If you don’t follow IDPF specification development closely — I can forgive you if you don’t, though I can’t imagine why not — a new baby is on its way: indexes. The first working draft is now available on the IDPF site, and, all going well, it will become a recommendation probably around the same time as the 3.0.1 revision specifications.
I’m not going to write about the indexes spec today, though; well, at least I’ll be trying not to. More on my mind is the general misunderstanding of indexing in a digital world, one where engineers equate an art with a simple science. Indexing is not just keyword listing, after all, despite that being a pervasive belief in the ebook world. Re-read that last sentence a few times before going on, if you need. It’s important to get.
I don’t know where the idea that keyword matching could stand in for a good index came from, or why people invest effort in the belief that algorithms of keyword matching are going to make for fantastic automated indexes, but such are the oddities of life. I guess the approach makes sense if you don’t think too deeply about an index, that it’s nothing more a list of locations where keywords are used. (I guess.)

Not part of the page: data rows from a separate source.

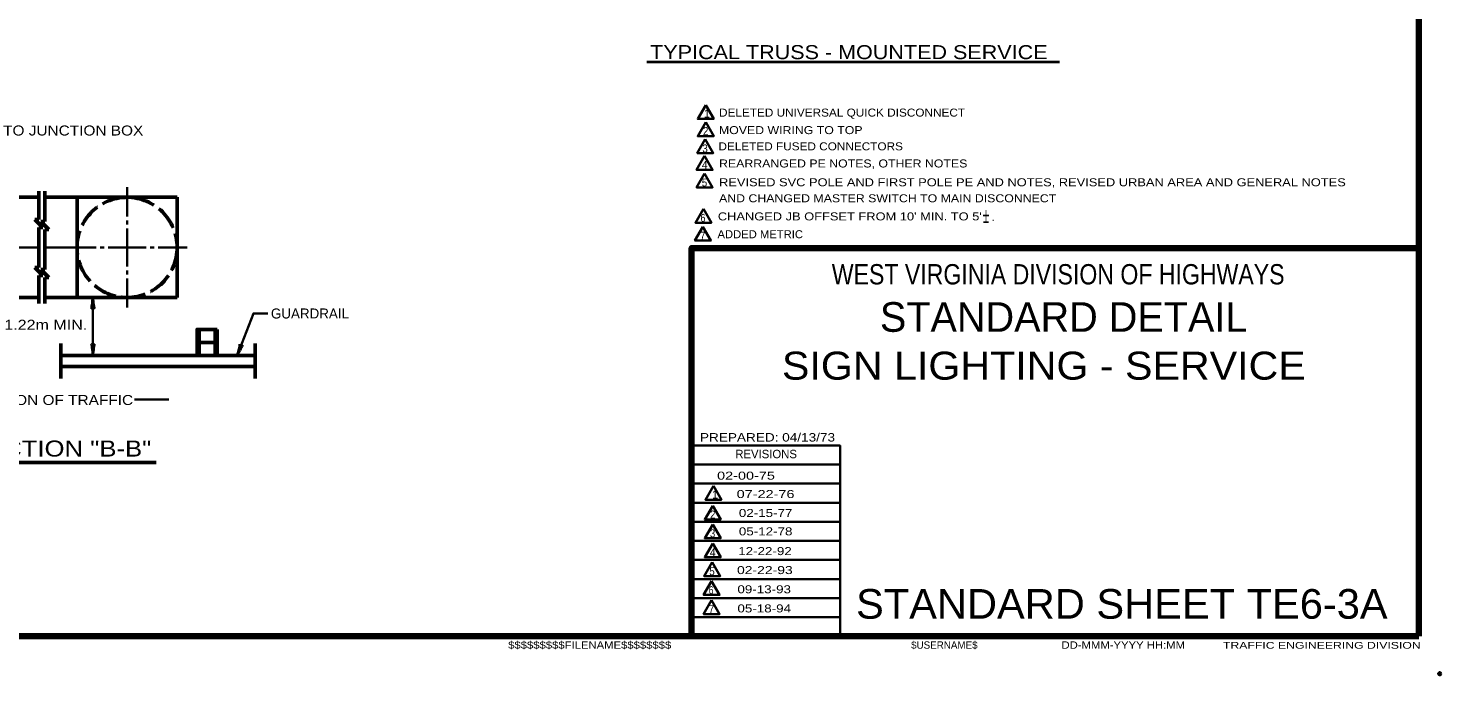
# Model space of a CAD drawing. Extents: x -111 to 744, y -77 to 467.
# Drawn here: x 320.8 to 744.3, y -77.4 to 116.4 of the extents above; entities that cross this region are included whole.
import ezdxf
from ezdxf.enums import TextEntityAlignment as Align

# ---------------------------------------------------------------- set-up
doc = ezdxf.new("R2010")
doc.units = 0
doc.header["$LTSCALE"] = 1.2
doc.header["$PDMODE"] = 32
doc.header["$PDSIZE"] = 0.6
doc.linetypes.add('LONG_DASHED', pattern=[7.5, 6, -1.5])
doc.layers.add('1', color=7, linetype='Continuous', lineweight=53)
doc.layers.add('61', color=7, linetype='Continuous', lineweight=35)

msp = doc.modelspace()

# ---------------------------------------------------------------- linework, layer by layer
at = {"layer": '1', "lineweight": 158}
for q in [(737.728, 460.265), (737.728, 50.465), (-53.872, -65.835)]:
    msp.add_line((737.728, -65.835), q, dxfattribs=at)
at = {"layer": '1', "lineweight": 13}
msp.add_line((737.728, -65.835), (737.728, 460.265), dxfattribs=at)
at = {"layer": '1', "lineweight": 40}
msp.add_line((506.299, 106.329), (629.982, 106.329), dxfattribs=at)
at = {"layer": '1', "lineweight": 35}
for p, q in [((350.465, 68.675), (350.465, 65.675)), ((350.465, 65.675), (350.465, 59.975)), ((350.465, 58.775), (350.465, 57.575)), ((350.465, 56.375), (350.465, 50.675)), ((314.465, 50.675), (324.065, 50.675)), ((335.465, 50.675), (325.865, 50.675)), ((341.165, 50.675), (335.465, 50.675)), ((343.565, 50.675), (342.365, 50.675)), ((350.465, 50.675), (344.765, 50.675)), ((358.565, 50.675), (357.365, 50.675)), ((365.465, 50.675), (359.765, 50.675)), ((368.465, 50.675), (365.465, 50.675)), ((350.465, 43.775), (350.465, 42.575)), ((350.465, 41.375), (350.465, 35.675)), ((340.216, 35.675), (340.216, 18.275)), ((350.465, 35.675), (350.465, 32.675)), ((352.672, 5.067), (363.041, 5.067)), ((564.228, -14.435), (519.728, -14.435)), ((564.228, -20.135), (519.728, -20.135)), ((564.228, -25.935), (519.728, -25.935)), ((564.228, -31.635), (519.728, -31.635)), ((564.228, -37.335), (519.728, -37.335)), ((564.228, -43.035), (519.728, -43.035)), ((564.228, -48.735), (519.728, -48.735)), ((564.228, -54.435), (519.728, -54.435)), ((564.228, -60.135), (519.728, -60.135))]:
    msp.add_line(p, q, dxfattribs=at)
at = {"layer": '1'}
for p, q in [((284.465, 65.675), (324.065, 65.675)), ((324.065, 67.475), (324.065, 59.075)), ((325.865, 67.475), (325.865, 58.475)), ((365.465, 65.675), (325.865, 65.675)), ((335.465, 65.675), (335.465, 35.675)), ((365.465, 65.675), (365.465, 35.675)), ((322.865, 59.075), (324.065, 59.075)), ((322.865, 59.075), (325.265, 56.675)), ((324.065, 56.675), (325.265, 56.675)), ((324.065, 56.675), (324.065, 44.675)), ((324.665, 58.475), (327.065, 56.075)), ((324.665, 58.475), (325.865, 58.475)), ((325.865, 56.075), (325.865, 44.075)), ((325.865, 56.075), (327.065, 56.075)), ((322.865, 44.675), (324.065, 44.675)), ((322.865, 44.675), (325.265, 42.275)), ((324.665, 44.075), (325.865, 44.075)), ((324.665, 44.075), (327.065, 41.675)), ((324.065, 42.275), (325.265, 42.275)), ((324.065, 42.275), (324.065, 33.875)), ((325.865, 41.675), (325.865, 33.875)), ((325.865, 41.675), (327.065, 41.675)), ((284.465, 35.675), (324.065, 35.675)), ((365.465, 35.675), (325.865, 35.675)), ((372.065, 18.275), (372.065, 26.075)), ((376.865, 18.275), (376.865, 26.075)), ((377.465, 18.275), (377.465, 26.075)), ((330.665, 21.875), (330.665, 11.375)), ((372.065, 22.175), (376.865, 22.175)), ((388.865, 21.875), (388.865, 11.375)), ((388.865, 18.275), (330.665, 18.275)), ((388.865, 14.975), (330.665, 14.975)), ((301.229, -13.857), (359.176, -13.857))]:
    msp.add_line(p, q, dxfattribs=at)
at = {"layer": '1', "lineweight": 35}
for points in [[(523.953, 93.343), (521.553, 89.186), (526.353, 89.186)], [(523.953, 88.163), (521.553, 84.006), (526.353, 84.006)], [(523.837, 83.102), (521.437, 78.945), (526.237, 78.945)], [(523.639, 78.066), (521.239, 73.909), (526.039, 73.909)], [(523.639, 72.799), (521.239, 68.642), (526.039, 68.642)], [(523.27, 62.196), (520.87, 58.039), (525.67, 58.039)], [(523.113, 56.852), (520.713, 52.695), (525.513, 52.695)], [(526.253, -20.823), (523.853, -24.98), (528.653, -24.98)], [(526.061, -26.767), (523.661, -30.924), (528.461, -30.924)], [(526.061, -32.363), (523.661, -36.52), (528.461, -36.52)], [(526.061, -38.05), (523.661, -42.207), (528.461, -42.207)], [(525.892, -43.724), (523.492, -47.881), (528.292, -47.881)], [(525.712, -49.371), (523.312, -53.528), (528.112, -53.528)], [(525.712, -55.108), (523.312, -59.265), (528.112, -59.265)]]:
    msp.add_lwpolyline(points, close=True, dxfattribs=at)
for points in [[(356.165, 50.675), (350.465, 50.675), (350.465, 44.975)], [(383.517, 18.275), (388.368, 30.892), (392.711, 30.892)], [(564.228, -65.835), (564.228, -8.735), (519.728, -8.735)]]:
    msp.add_lwpolyline(points, dxfattribs=at)
at = {"layer": '1', "lineweight": 158}
msp.add_lwpolyline([(519.728, -65.835), (519.728, 50.465), (737.728, 50.465)], dxfattribs=at)
at = {"layer": '1'}
msp.add_lwpolyline([(371.465, 18.275), (371.465, 26.075), (377.465, 26.075)], dxfattribs=at)
at = {"layer": '1', "linetype": 'LONG_DASHED'}
msp.add_circle((350.465, 50.675), 15, dxfattribs=at)
at = {"layer": '1', "lineweight": 40}
for centre, major_axis, ratio, start_param, end_param in [((339.962, 34.331), (0.211, 2.108), 0.07063, 3.1407148, 5.41811), ((339.962, 34.331), (0.211, 2.108), 0.07063, 3.1407148, 5.41811), ((340.548, 34.366), (-0.187, 2.143), 0.122415, 0.8963533, 3.1415927), ((340.548, 34.366), (-0.187, 2.143), 0.122415, 0.8963533, 3.1415927), ((339.894, 19.596), (0.187, -2.143), 0.122415, 0.8963533, 3.1415927), ((340.48, 19.631), (-0.211, -2.108), 0.07063, 3.1407148, 5.41811), ((383.677, 19.617), (-0.594, -2.067), 0.122415, 0.8963533, 3.1415927), ((383.677, 19.617), (-0.594, -2.067), 0.122415, 0.8963533, 3.1415927), ((384.236, 19.439), (-0.953, -1.892), 0.07063, 3.1407148, 5.41811), ((384.236, 19.439), (-0.953, -1.892), 0.07063, 3.1407148, 5.41811)]:
    msp.add_ellipse(centre, major_axis=major_axis, ratio=ratio, start_param=start_param, end_param=end_param, dxfattribs=at)
at = {"layer": '1'}
msp.add_point((744.028, -77.135), dxfattribs=at)
at = {"layer": '61', "lineweight": 53}
for q in [(585.028, -65.835), (585.028, -65.835), (585.028, -65.835), (585.328, -65.835), (585.328, -65.835)]:
    msp.add_line((737.728, -65.835), q, dxfattribs=at)

# ---------------------------------------------------------------- texts
at = {"layer": '1'}
for s, height, width, p in [('TYPICAL TRUSS - MOUNTED SERVICE', 4.2, 1.15, (507.302, 107.094)), ('DELETED UNIVERSAL QUICK DISCONNECT', 2.4, 1.1, (527.95, 89.873)), ('2', 2.4, 0.9, (523.136, 84.344)), ('MOVED WIRING TO TOP', 2.4, 1.15, (527.925, 84.625)), ('3', 2.4, 0.9, (522.958, 79.121)), ('DELETED FUSED CONNECTORS', 2.4, 1.1, (527.772, 79.758)), ('4', 2.4, 0.95, (522.79, 74.175)), ('REARRANGED PE NOTES, OTHER NOTES', 2.4, 1.15, (527.958, 74.627)), ('5', 2.4, 0.9, (522.79, 68.908)), ('REVISED SVC POLE AND FIRST POLE PE AND NOTES, REVISED URBAN AREA AND GENERAL NOTES', 2.4, 1.2, (527.958, 68.986)), ('AND CHANGED MASTER SWITCH TO MAIN DISCONNECT', 2.4, 1.15, (527.958, 64.186)), ('6', 2.4, 0.8, (522.421, 58.305)), ("CHANGED JB OFFSET FROM 10' MIN. TO 5'", 2.4, 1.2, (527.589, 58.757)), ('7', 2.4, 0.9, (522.264, 52.961)), ('ADDED METRIC', 2.4, 1.05, (527.479, 53.407)), ('PREPARED: 04/13/73', 2.537, 1.2, (522.228, -7.535)), ('2', 2.4, 0.9, (525.248, -30.623)), ('3', 2.4, 0.9, (525.212, -36.254)), ('4', 2.4, 0.95, (525.212, -41.941)), ('5', 2.4, 0.9, (525.042, -47.615)), ('6', 2.4, 0.8, (524.862, -53.261)), ('STANDARD SHEET TE6-3A', 8.881, 1.05, (569.028, -60.635)), ('7', 2.4, 0.9, (524.862, -58.998)), ('$$$$$$$$$FILENAME$$$$$$$$', 2.2, 1.15, (464.728, -69.635)), ('DD-MMM-YYYY HH:MM', 2.2, 1.15, (630.628, -69.635)), ('TRAFFIC ENGINEERING DIVISION', 2.031, 1.35, (679.028, -69.635))]:
    msp.add_text(s, height=height, dxfattribs=dict(at, width=width)).set_placement(p)
for s, height, p in [('1', 2.4, (523.446, 89.592)), ('REVISIONS', 2.537, (532.828, -12.535)), ('1', 2.4, (525.872, -24.616)), ('$USERNAME$', 2.2, (585.528, -69.635))]:
    msp.add_text(s, height=height, dxfattribs=at).set_placement(p)
for s, height, width, p in [('TO JUNCTION BOX', 3, 1.15, (334.321, 84.204)), ('+', 4.8, 0.55, (607.986, 57.86)), ('WEST VIRGINIA DIVISION OF HIGHWAYS', 6.089, 0.85, (629.628, 39.565)), ('1.22m MIN.', 3, 1.2, (326.103, 25.959)), ('SIGN LIGHTING - SERVICE', 8.391, 1.1, (625.331, 11.018)), ('DIRECTION OF TRAFFIC', 3, 1.15, (325.374, 3.423)), ('SECTION "B-B"', 4.8, 1.2, (330.39, -12.032)), ('02-00-75', 2.4, 1.35, (536.031, -18.954)), ('07-22-76', 2.4, 1.35, (541.9, -24.47)), ('02-15-77', 2.4, 1.25, (541.924, -30.142)), ('05-12-78', 2.4, 1.25, (541.924, -35.658)), ('12-22-92', 2.4, 1.25, (541.732, -41.571)), ('02-22-93', 2.4, 1.3, (541.688, -47.262)), ('09-13-93', 2.4, 1.25, (541.49, -53.017)), ('05-18-94', 2.4, 1.25, (541.499, -58.754))]:
    msp.add_text(s, height=height, dxfattribs=dict(at, width=width)).set_placement(p, align=Align.CENTER)
for s, height, p in [('-', 4.8, (607.997, 56.355)), ('.', 2.4, (610.123, 58.589)), ('STANDARD DETAIL', 8.881, (631.278, 25.365)), ('GUARDRAIL', 3, (405.305, 29.352))]:
    msp.add_text(s, height=height, dxfattribs=at).set_placement(p, align=Align.CENTER)

doc.saveas('drawing.dxf')

But I suppose you have to consider the expectations of the people automating indexes, and their exposure to indexes. My experience has been that in the sciences people see an index typically boiling down to keyword matching because the prose is very literal. If a function or construct is mentioned in a computer science book, it is mentioned by name. If it is mentioned, it’s probably a reasonably accurate point of reference. And so keyword matching becomes indexing.
But that logic only holds, if at all, in a very limited scope of works. The humanities are certainly a completely different beast. Keyword matching often leads you along a path of frustration, as the concepts and ideas being conveyed may make minimal or no use of the term they’re classified under. Sometimes one term might be standing in for another, but unless you know that you’re reading an entire index to figure out what you might have missed.
Indexing in these works is always more art than science when done well. It requires someone sitting down with the work who can ferret out and map the concepts the author is expressing, weeding out the important from the useless. It requires someone who can see the underlying correlations, not just adding a glorified text search for the reader.
Fortunately, the new EPUB indexes spec will help bring indexing back to the indexers, the true masters of the art. Indexes should be a tool for reading system developers to exploit, to open up discovery and navigation of the content in a whole new way, made by the pros, not a hack pieced together from bits and bytes.
But I’ll stop before I get too far into rambling and hyping the spec. I just wanted to make note that it’s nice to see an overlooked part of the rapid conversion to digital finally getting its due…
UPDATE: The working draft was posted this morning, so I’ve updated the first para to include a link.